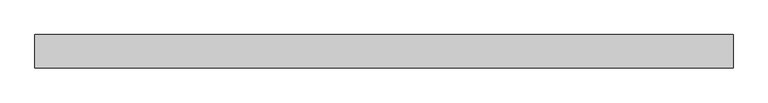
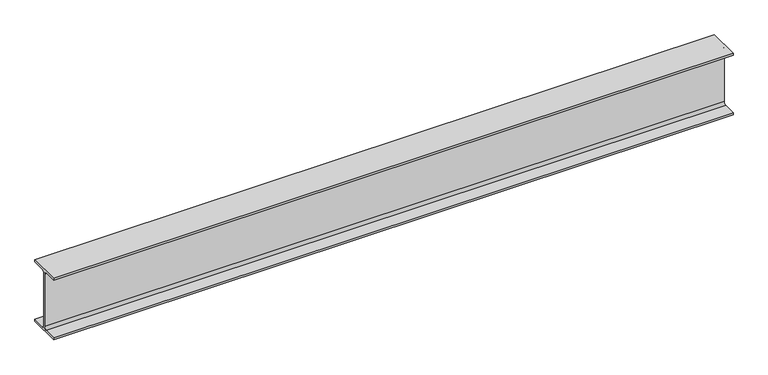
"""IFC4 building model written with IfcOpenShell, lengths in millimetres: beam geometry, 0912_Steel Framing_H-KSD3502 : H_SB_ASB_H-350x175x7x11."""

from ifc_helpers import new_model, si_unit, point, frame, frame_2d, origin, place, context, project, spatial, polyline, circle_curve, trimmed, segment, composite_curve, outline, extrude, source, transform, mapped, element, save


def beam_954b2bf2(model_context):
    return source(origin(), model_context, "Body", "SweptSolid", [
        extrude(outline(composite_curve([segment(polyline([(87.5, -164.0), (87.5, -175.0), (-87.5, -175.0), (-87.5, -164.0), (-17.5, -164.0)]), True, "CONTINUOUS"), segment(trimmed(circle_curve(frame_2d((-17.5, -150.0)), 14.0), [point((-17.5, -164.0))], [point((-3.5, -150.0))], True, "CARTESIAN"), True, "CONTINUOUS"), segment(polyline([(-3.5, -150.0), (-3.5, 150.0)]), True, "CONTINUOUS"), segment(trimmed(circle_curve(frame_2d((-17.5, 150.0)), 14.0), [point((-3.5, 150.0))], [point((-17.5, 164.0))], True, "CARTESIAN"), True, "CONTINUOUS"), segment(polyline([(-17.5, 164.0), (-87.5, 164.0), (-87.5, 175.0), (87.5, 175.0), (87.5, 164.0), (17.5, 164.0)]), True, "CONTINUOUS"), segment(trimmed(circle_curve(frame_2d((17.5, 150.0)), 14.0), [point((17.5, 164.0))], [point((3.5, 150.0))], True, "CARTESIAN"), True, "CONTINUOUS"), segment(polyline([(3.5, 150.0), (3.5, -150.0)]), True, "CONTINUOUS"), segment(trimmed(circle_curve(frame_2d((17.5, -150.0)), 14.0), [point((3.5, -150.0))], [point((17.5, -164.0))], True, "CARTESIAN"), True, "CONTINUOUS"), segment(polyline([(17.5, -164.0), (87.5, -164.0)]), True, "CONTINUOUS")], self_intersect=False)), frame((-1837.3, 0.0, 0.0), z_axis=(1.0, 0.0, 0.0), x_axis=(0.0, 1.0, 0.0)), (0.0, 0.0, 1.0), 3674.6),
    ])


if __name__ == "__main__":
    model = new_model("IFC4")
    model_context = context("Model", 3, world=origin())
    ifc_project = project(units=[si_unit("LENGTHUNIT", "METRE", prefix="MILLI")], contexts=[model_context])
    site = spatial("IfcSite", under=ifc_project)
    building = spatial("IfcBuilding", under=site)
    placement = place(None, origin())
    beam_shape = beam_954b2bf2(model_context)
    element("IfcBeam", 1, ObjectType="0912_Steel Framing_H-KSD3502 : H_SB_ASB_H-350x175x7x11", at=placement, inside=building, context=model_context, shape_type="MappedRepresentation", body=[
        mapped(beam_shape, transform((0.0, 0.0, 0.0), x_axis=(1.0, 0.0, 0.0), y_axis=(0.0, 1.0, 0.0), z_axis=(0.0, 0.0, 1.0))),
    ])
    save(model, "model.ifc")

# Revit data of these elements
# Type "0912_Steel Framing_H-KSD3502 : H_SB_ASB_H-350x175x7x11"
#   H_WM Code_1 = "S01AA002-00001 | Main Steel Structure Fabrication Work | Shelter/Building | Medium Steel - Standard (90KG/M>Weight≥30KG/M) | Material: (   )"
#   H_WM Code_2 = "S03AA028-00001 | Main Steel Structure Erection Work | Shelter/Building | Medium Steel (90KG/M>Weight≥30KG/M) | Material: (   )"
#   H_WM Code_3 = "S01AA010-00001 | Main Steel Structure Fabrication Work | Shelter/Building | Steel Painting/Coating | for Non-Fireproofed Steel Surface, Surface Preparation, Primer, Second & Final Coat | Material: (   )"
#   H_Q'ty Cal Type Tag = "SB-Q2"
#   Width = 17.5 cm
#   Web Thickness = 0.7 cm
#   Web Fillet = 1.4 cm
#   Warping Constant = 282000.0 cm⁶
#   W = 0
#   Torsional Moment of Inertia = 19.4042 cm⁴
#   Section Area = 63.14 cm²
#   Plastic Modulus weak axis = 174.0 cm³
#   Plastic Modulus strong axis = 868.0 cm³
#   Perimeter = 1.36 m²/m
#   Nominal Weight = 49.60 kgf/m
#   Moment of Inertia weak axis = 984.00 cm⁴
#   Moment of Inertia strong axis = 13600.00 cm⁴
#   Height = 35.0 cm
#   Flange Thickness = 1.1 cm
#   Elastic Modulus weak axis = 112.0 cm³
#   Elastic Modulus strong axis = 775.0 cm³
#   Centroid Vertical = 17.5 cm
#   Centroid Horizontal = 8.75 cm
#   Ix = 136000000
#   Length [instance default] = 1.5240 m
#   Zx = 868000
#   b = 0.1750 m
#   h = 0.3500 m
#   r = 0.0140 m
#   s = 0.0070 m
#   t = 0.0110 m
#   A = 0.006314 m²
#   Structural Material [instance default] = Steel, 45-345
#   Assembly Code = ""
# Element 1 (IfcBeam, "0912_Steel Framing_H-KSD3502 : H_SB_ASB_H-350x175x7x11")
#   Structural Material = none
# Materials
#   "Steel, 45-345": class "Metal", colour RGB 189 187 185, transparency 0, Description = "Steel 345 MPa", Cost = 0

------------------------

» **Work to complete**
A single number is expected: the count of lines in the preceding entries that contain "Structure".

» **Response to the task**
3